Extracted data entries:
════
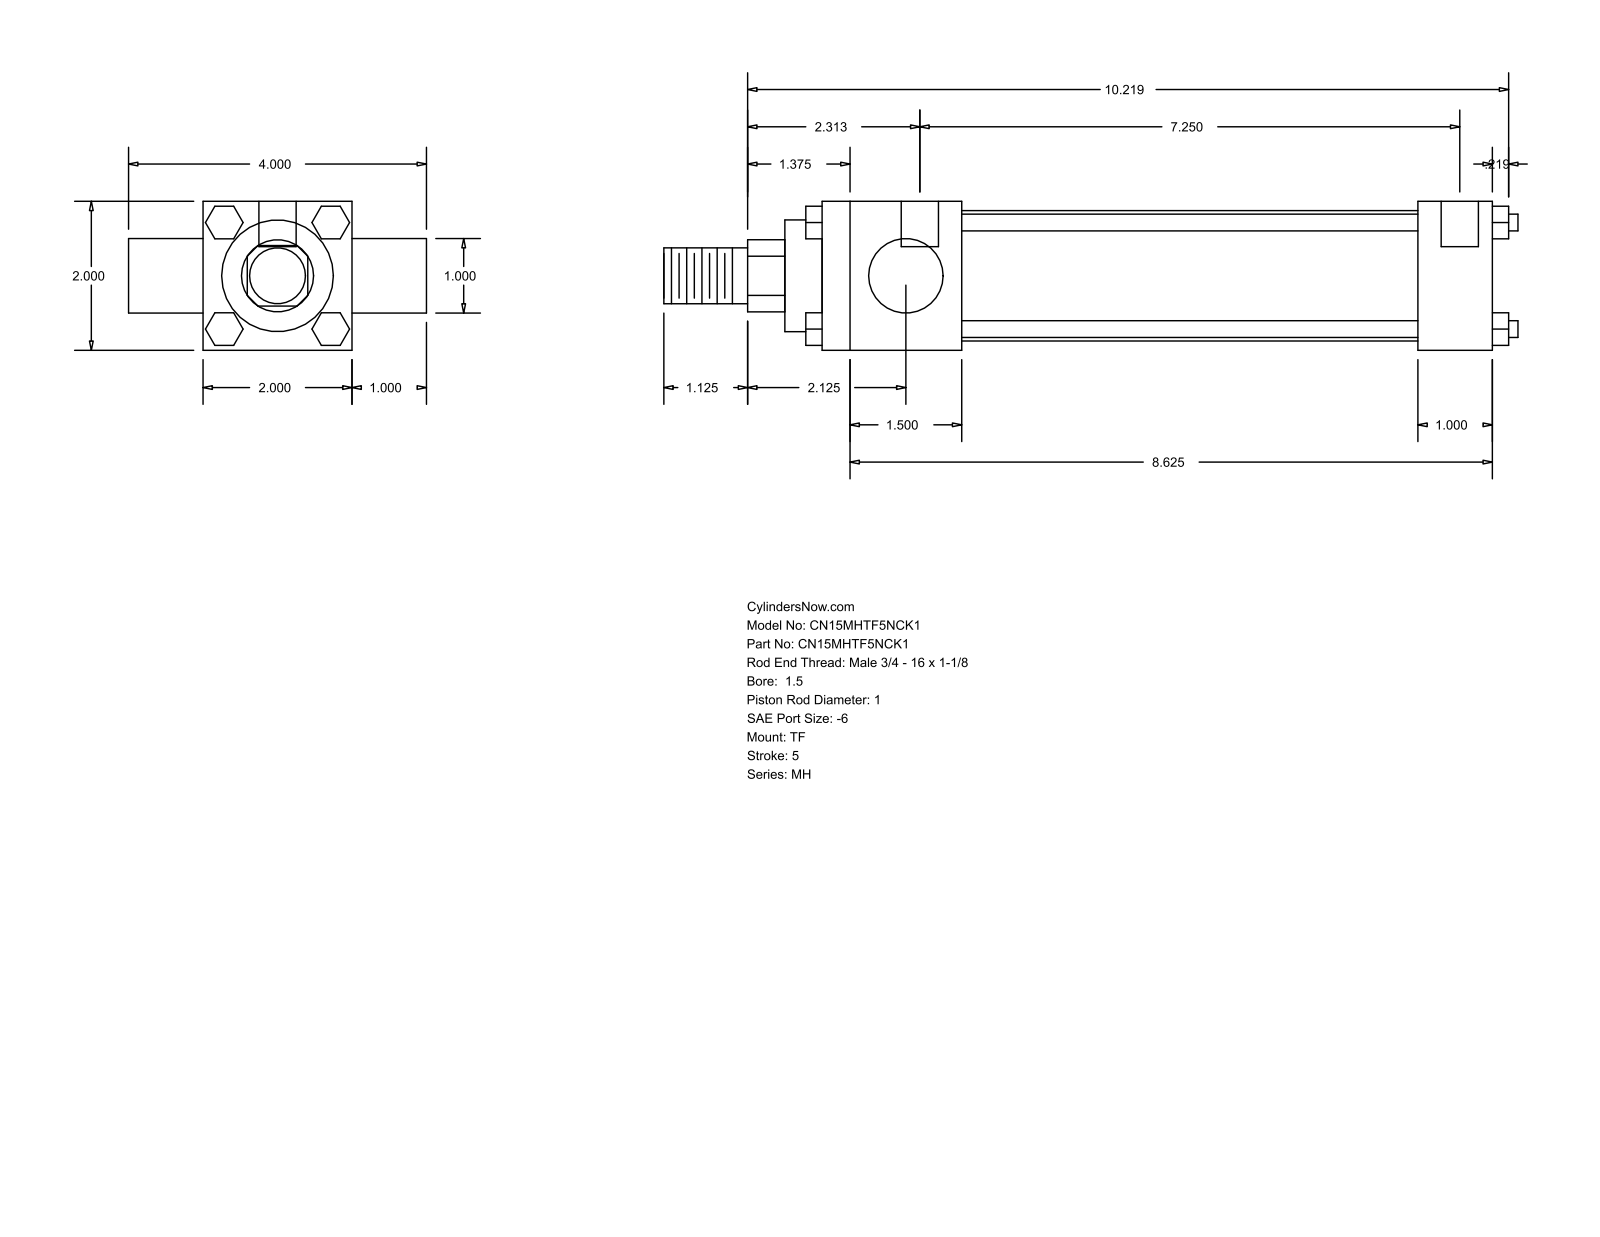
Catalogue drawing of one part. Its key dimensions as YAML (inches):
part_name: "MH_TF__0150_1"
step_written_by: "GSSL Pune (CONFIG_CONTROL_DESIGN)"
units: inches
bodies: {solids: 0, faces: 120, planar: 92, cylindrical: 28, other: 0}
overall_size: [11.469, 4, 2]
round_holes:
  - {diameter: 0.219, count: 3}
  - {diameter: 0.5, count: 2}
round_bosses_or_shafts:
  - {diameter: 0.225, count: 4}
  - {diameter: 1, count: 2}
  - {diameter: 1.75, count: 1}
  - {diameter: 1.5, count: 1}
  - {diameter: 0.75, count: 1}
partial_cylinders:
  - {radius: 0.484, count: 1}
face_to_face_distances: [2, 1, 9, 3, 1.875, 7.125, 8, 6.125, 4, 0.5]
hole_center_spacings: [0.125, 7.25, 7.375]
════
Every line above that has the string "count" needs to be copied.

  - {diameter: 0.219, count: 3}
  - {diameter: 0.5, count: 2}
  - {diameter: 0.225, count: 4}
  - {diameter: 1, count: 2}
  - {diameter: 1.75, count: 1}
  - {diameter: 1.5, count: 1}
  - {diameter: 0.75, count: 1}
  - {radius: 0.484, count: 1}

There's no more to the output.